(Records from a collection)
....................
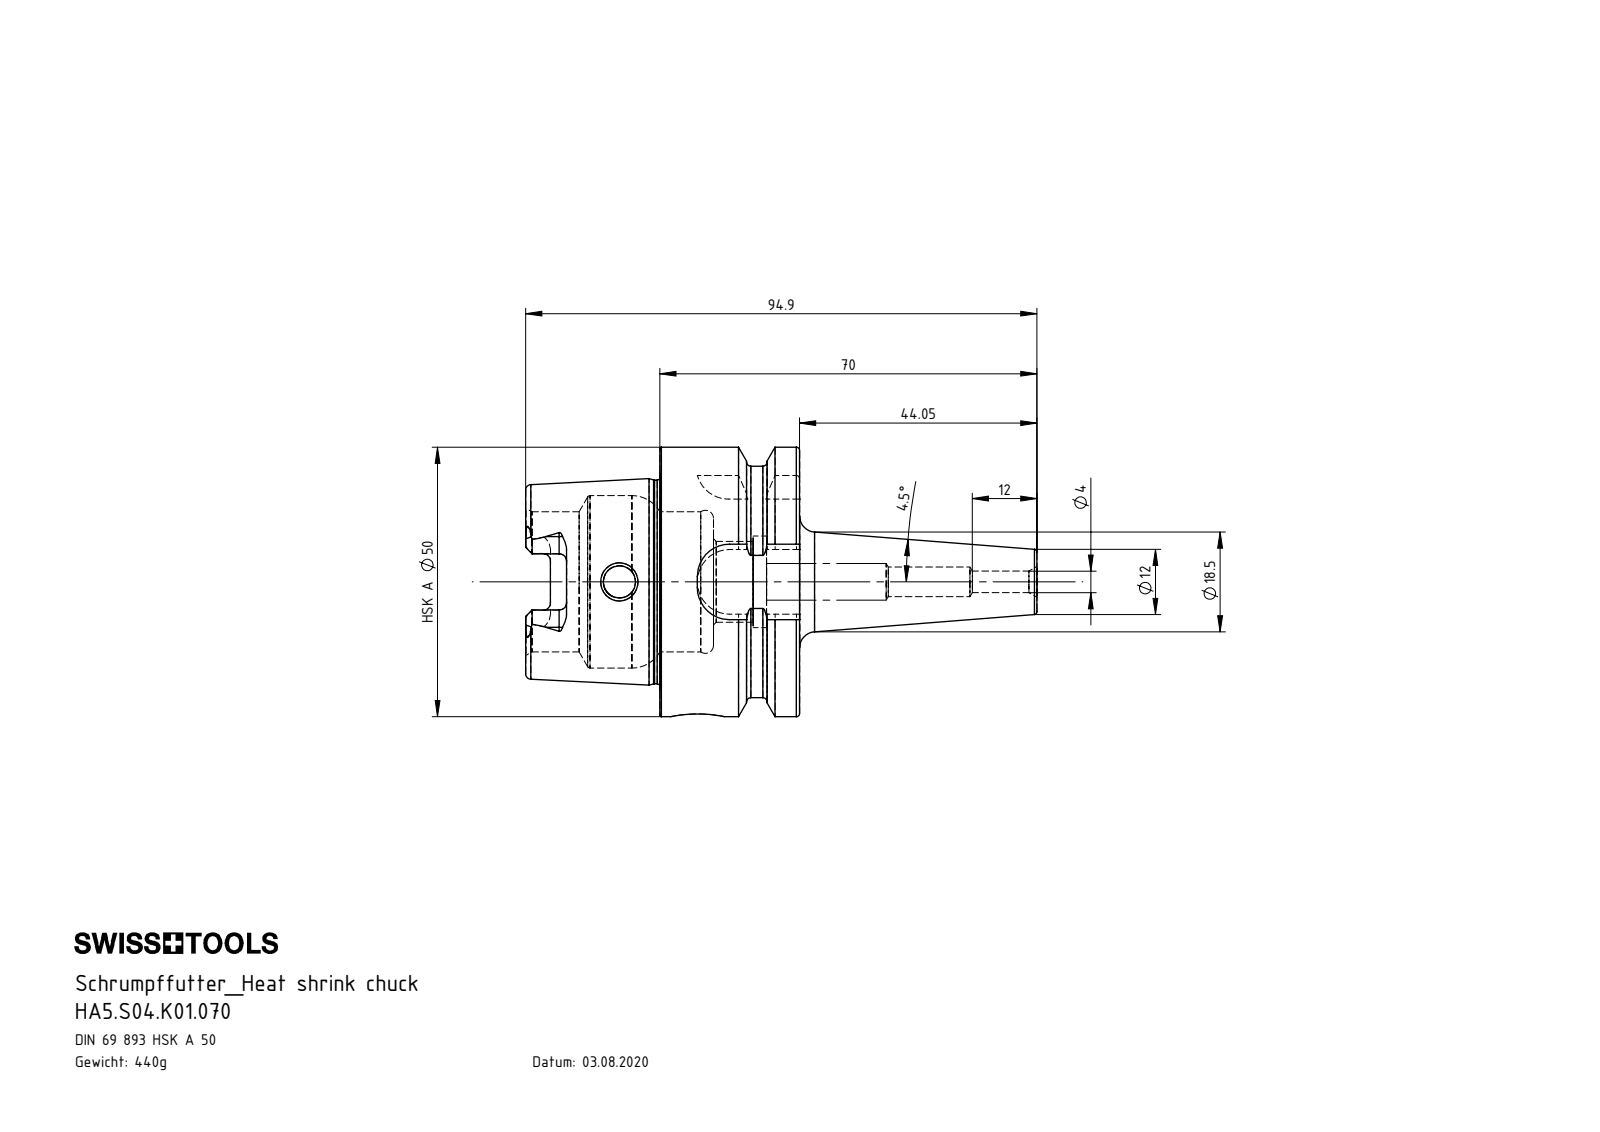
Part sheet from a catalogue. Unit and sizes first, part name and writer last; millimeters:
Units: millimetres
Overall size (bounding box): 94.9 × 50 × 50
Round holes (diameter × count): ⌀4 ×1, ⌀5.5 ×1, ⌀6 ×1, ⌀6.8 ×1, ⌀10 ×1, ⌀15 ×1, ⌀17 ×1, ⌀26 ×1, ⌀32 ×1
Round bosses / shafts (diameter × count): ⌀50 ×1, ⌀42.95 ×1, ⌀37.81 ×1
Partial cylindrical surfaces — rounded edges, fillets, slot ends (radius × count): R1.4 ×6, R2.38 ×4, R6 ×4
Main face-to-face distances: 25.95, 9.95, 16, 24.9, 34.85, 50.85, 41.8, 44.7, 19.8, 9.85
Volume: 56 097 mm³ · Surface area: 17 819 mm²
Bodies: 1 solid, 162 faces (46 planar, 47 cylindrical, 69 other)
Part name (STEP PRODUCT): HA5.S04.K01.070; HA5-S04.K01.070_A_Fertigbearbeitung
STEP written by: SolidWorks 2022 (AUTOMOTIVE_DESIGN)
....................
Prompt
The records above must be retyped exactly. Please omit the pictures.

Task response
Part sheet from a catalogue. Unit and sizes first, part name and writer last; millimeters:
Units: millimetres
Overall size (bounding box): 94.9 × 50 × 50
Round holes (diameter × count): ⌀4 ×1, ⌀5.5 ×1, ⌀6 ×1, ⌀6.8 ×1, ⌀10 ×1, ⌀15 ×1, ⌀17 ×1, ⌀26 ×1, ⌀32 ×1
Round bosses / shafts (diameter × count): ⌀50 ×1, ⌀42.95 ×1, ⌀37.81 ×1
Partial cylindrical surfaces — rounded edges, fillets, slot ends (radius × count): R1.4 ×6, R2.38 ×4, R6 ×4
Main face-to-face distances: 25.95, 9.95, 16, 24.9, 34.85, 50.85, 41.8, 44.7, 19.8, 9.85
Volume: 56 097 mm³ · Surface area: 17 819 mm²
Bodies: 1 solid, 162 faces (46 planar, 47 cylindrical, 69 other)
Part name (STEP PRODUCT): HA5.S04.K01.070; HA5-S04.K01.070_A_Fertigbearbeitung
STEP written by: SolidWorks 2022 (AUTOMOTIVE_DESIGN)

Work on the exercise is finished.